The contracts only allowed very specific air corridors (3, to be precise),
which is one of the points why the airlift was so hard to implement at full
capacity.

The Allied forces had quite extensive rights in all the other sectors, and not
just in Berlin. For example, military vehicles were considered
extraterritorial, and had to be let in. And that's what the US and the UK did:
they drove into East Germany and rather openly spied on Soviet troop movements
and maneuvers.

------
D9u
All that's missing from US borders now are the pneumatic flechette firing
motion detectors...

Think nail guns with motion detectors...

Your travel papers please, Komrade!

------
josefit
Why worry about borders when even ex-STASI members have declared they would
have loved to had (at their times) the suirvellance tools USA has right now.

Are you serious about your privacy? Never use social networks, crypt
everything and never fly to or through USA.

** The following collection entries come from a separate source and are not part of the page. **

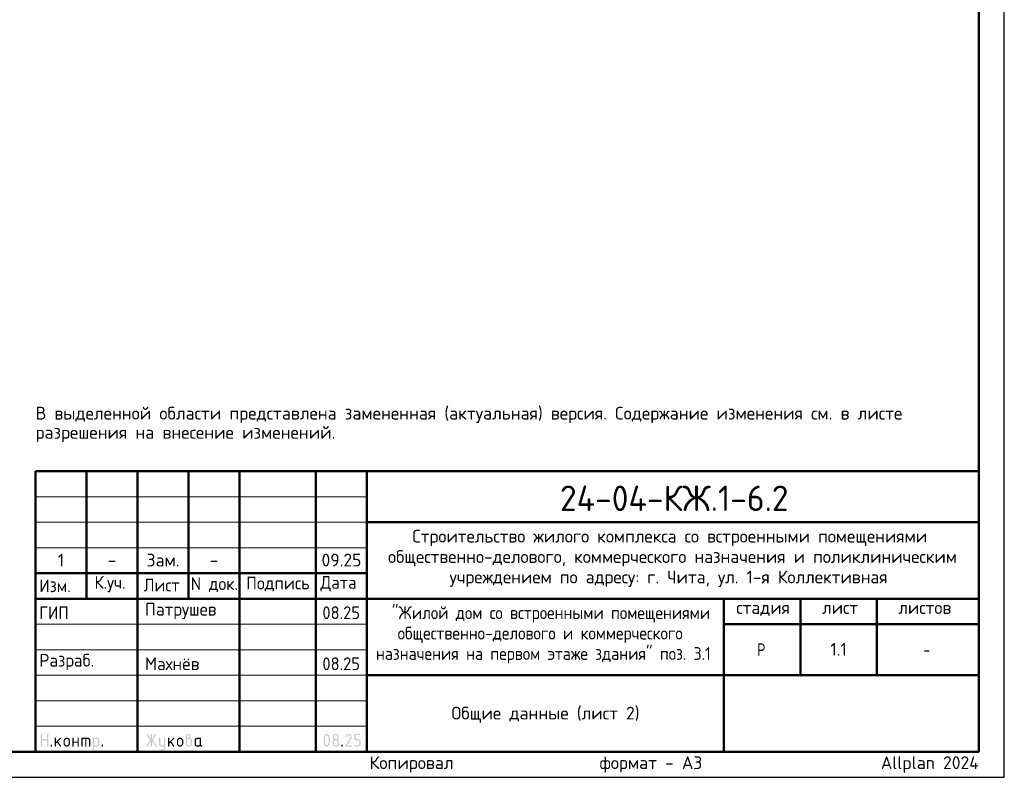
# Model space of a CAD drawing. Header units: millimetres. Extents: x 0 to 42000, y 0 to 29700.
# Tile 2 of 3: x 22689 to 42000, y 0 to 14850. Entities that reach past the tile are written whole.
import ezdxf

# ---------------------------------------------------------------- set-up
doc = ezdxf.new("R2010")
doc.units = ezdxf.units.MM
doc.layers.add('Standard', color=7, linetype='Continuous', lineweight=25)
doc.layers.add('Надписи', color=7, linetype='Continuous', lineweight=25)
doc.styles.add('ARIAL', font='arial.ttf')
doc.styles.add('ISOCPEUR', font='isocpeur.ttf')

msp = doc.modelspace()

# ---------------------------------------------------------------- hatches: boundary and pattern name
at = {"layer": 'Standard', "linetype": 'Continuous', "lineweight": 25, "transparency": 33554687}
for points in [[(23099, 614), (23099, 839), (23099, 840), (23099, 842), (23099, 843), (23100, 844), (23100, 845), (23101, 846), (23101, 847), (23102, 848), (23103, 849), (23104, 850), (23105, 850), (23106, 851), (23107, 851), (23109, 851), (23110, 851), (23112, 851), (23113, 851), (23115, 851), (23116, 851), (23117, 851), (23118, 850), (23119, 850), (23120, 849), (23121, 848), (23122, 847), (23122, 846), (23123, 845), (23123, 844), (23124, 843), (23124, 842), (23124, 840), (23124, 839), (23124, 751), (23224, 751), (23224, 839), (23224, 840), (23224, 842), (23224, 843), (23225, 844), (23225, 845), (23226, 846), (23226, 847), (23227, 848), (23228, 849), (23229, 850), (23230, 850), (23231, 851), (23232, 851), (23233, 851), (23235, 851), (23236, 851), (23238, 851), (23239, 851), (23241, 851), (23242, 851), (23243, 850), (23244, 850), (23245, 849), (23246, 848), (23247, 847), (23247, 846), (23248, 845), (23248, 844), (23249, 843), (23249, 842), (23249, 840), (23249, 839), (23249, 614), (23249, 612), (23249, 611), (23249, 609), (23248, 608), (23248, 607), (23247, 606), (23247, 605), (23246, 604), (23245, 604), (23244, 603), (23243, 602), (23242, 602), (23241, 602), (23239, 601), (23238, 601), (23236, 601), (23235, 601), (23233, 601), (23232, 602), (23231, 602), (23230, 602), (23229, 603), (23228, 604), (23227, 604), (23226, 605), (23226, 606), (23225, 607), (23225, 608), (23224, 609), (23224, 611), (23224, 612), (23224, 614), (23224, 726), (23124, 726), (23124, 614), (23124, 612), (23124, 611), (23124, 609), (23123, 608), (23123, 607), (23122, 606), (23122, 605), (23121, 604), (23120, 604), (23119, 603), (23118, 602), (23117, 602), (23116, 602), (23115, 601), (23113, 601), (23112, 601), (23110, 601), (23109, 601), (23107, 602), (23106, 602), (23105, 602), (23104, 603), (23103, 604), (23102, 604), (23101, 605), (23101, 606), (23100, 607), (23100, 608), (23099, 609), (23099, 611), (23099, 612)], [(23399, 694), (23478, 773), (23478, 773), (23479, 774), (23480, 775), (23482, 775), (23483, 776), (23484, 776), (23485, 776), (23486, 776), (23488, 776), (23489, 776), (23491, 776), (23492, 775), (23493, 775), (23494, 774), (23495, 774), (23496, 773), (23497, 772), (23497, 771), (23498, 770), (23498, 769), (23499, 768), (23499, 767), (23499, 765), (23499, 764), (23499, 762), (23499, 761), (23498, 760), (23498, 759), (23497, 758), (23497, 757), (23496, 756), (23495, 755), (23440, 700), (23496, 621), (23498, 619), (23498, 617), (23499, 616), (23499, 614), (23499, 612), (23499, 611), (23499, 609), (23498, 608), (23498, 607), (23497, 606), (23497, 605), (23496, 604), (23495, 604), (23494, 603), (23493, 602), (23492, 602), (23491, 602), (23489, 601), (23488, 601), (23486, 601), (23485, 601), (23483, 602), (23482, 602), (23480, 603), (23479, 603), (23478, 604), (23477, 605), (23476, 607), (23422, 682), (23399, 659), (23399, 614), (23399, 612), (23399, 611), (23399, 609), (23398, 608), (23398, 607), (23397, 606), (23397, 605), (23396, 604), (23395, 604), (23394, 603), (23393, 602), (23392, 602), (23391, 602), (23389, 601), (23388, 601), (23386, 601), (23385, 601), (23383, 601), (23382, 602), (23381, 602), (23380, 602), (23379, 603), (23378, 604), (23377, 604), (23376, 605), (23376, 606), (23375, 607), (23375, 608), (23374, 609), (23374, 611), (23374, 612), (23374, 614), (23374, 764), (23374, 765), (23374, 767), (23374, 768), (23375, 769), (23375, 770), (23376, 771), (23376, 772), (23377, 773), (23378, 774), (23379, 774), (23380, 775), (23381, 775), (23382, 776), (23383, 776), (23385, 776), (23386, 776), (23388, 776), (23389, 776), (23391, 776), (23392, 775), (23393, 775), (23394, 774), (23395, 774), (23396, 773), (23397, 772), (23397, 771), (23398, 770), (23398, 769), (23399, 768), (23399, 767), (23399, 765), (23399, 764)], [(23749, 676), (23749, 614), (23749, 612), (23748, 611), (23748, 609), (23748, 608), (23747, 607), (23747, 606), (23746, 605), (23746, 604), (23745, 604), (23744, 603), (23743, 602), (23742, 602), (23740, 602), (23739, 601), (23738, 601), (23736, 601), (23735, 601), (23733, 601), (23732, 602), (23731, 602), (23729, 602), (23729, 603), (23728, 604), (23727, 604), (23726, 605), (23725, 606), (23725, 607), (23724, 608), (23724, 609), (23724, 611), (23724, 612), (23724, 614), (23724, 764), (23724, 765), (23724, 767), (23724, 768), (23724, 769), (23725, 770), (23725, 771), (23726, 772), (23727, 773), (23728, 774), (23729, 774), (23729, 775), (23731, 775), (23732, 776), (23733, 776), (23735, 776), (23736, 776), (23738, 776), (23739, 776), (23740, 776), (23742, 775), (23743, 775), (23744, 774), (23745, 774), (23746, 773), (23746, 772), (23747, 771), (23747, 770), (23748, 769), (23748, 768), (23748, 767), (23749, 765), (23749, 764), (23749, 701), (23823, 701), (23823, 764), (23823, 765), (23824, 767), (23824, 768), (23824, 769), (23825, 770), (23825, 771), (23826, 772), (23826, 773), (23827, 774), (23828, 774), (23829, 775), (23830, 775), (23832, 776), (23833, 776), (23834, 776), (23836, 776), (23837, 776), (23839, 776), (23840, 776), (23841, 775), (23843, 775), (23843, 774), (23844, 774), (23845, 773), (23846, 772), (23847, 771), (23847, 770), (23848, 769), (23848, 768), (23848, 767), (23848, 765), (23848, 764), (23848, 614), (23848, 612), (23848, 611), (23848, 609), (23848, 608), (23847, 607), (23847, 606), (23846, 605), (23845, 604), (23844, 604), (23843, 603), (23843, 602), (23841, 602), (23840, 602), (23839, 601), (23837, 601), (23836, 601), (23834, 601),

Oh, and by the way now I can welcome myself in the one percenters. :)

------
cmod
Has anyone created a simple, anonymous app (webapp?) to rate your experience
going through customs / tsa security? It would: geolocate, allow you to choose
airport, entry or exit, and then rate a few parameters of the experience with
optional comment.

Would love to see data like this in aggregate.

------
enscr
That's a massive number of travelers crossing the border and a small
percentage of those have a bad intent. We often jump at the first opportunity
to criticize about our "first world" rights but do we have a better solution
to keep the country safe? I bet many of you don't like the cops ticketing you
for over-speeding either. But it keeps the roads safe... for the remaining &
from the remaining 98%.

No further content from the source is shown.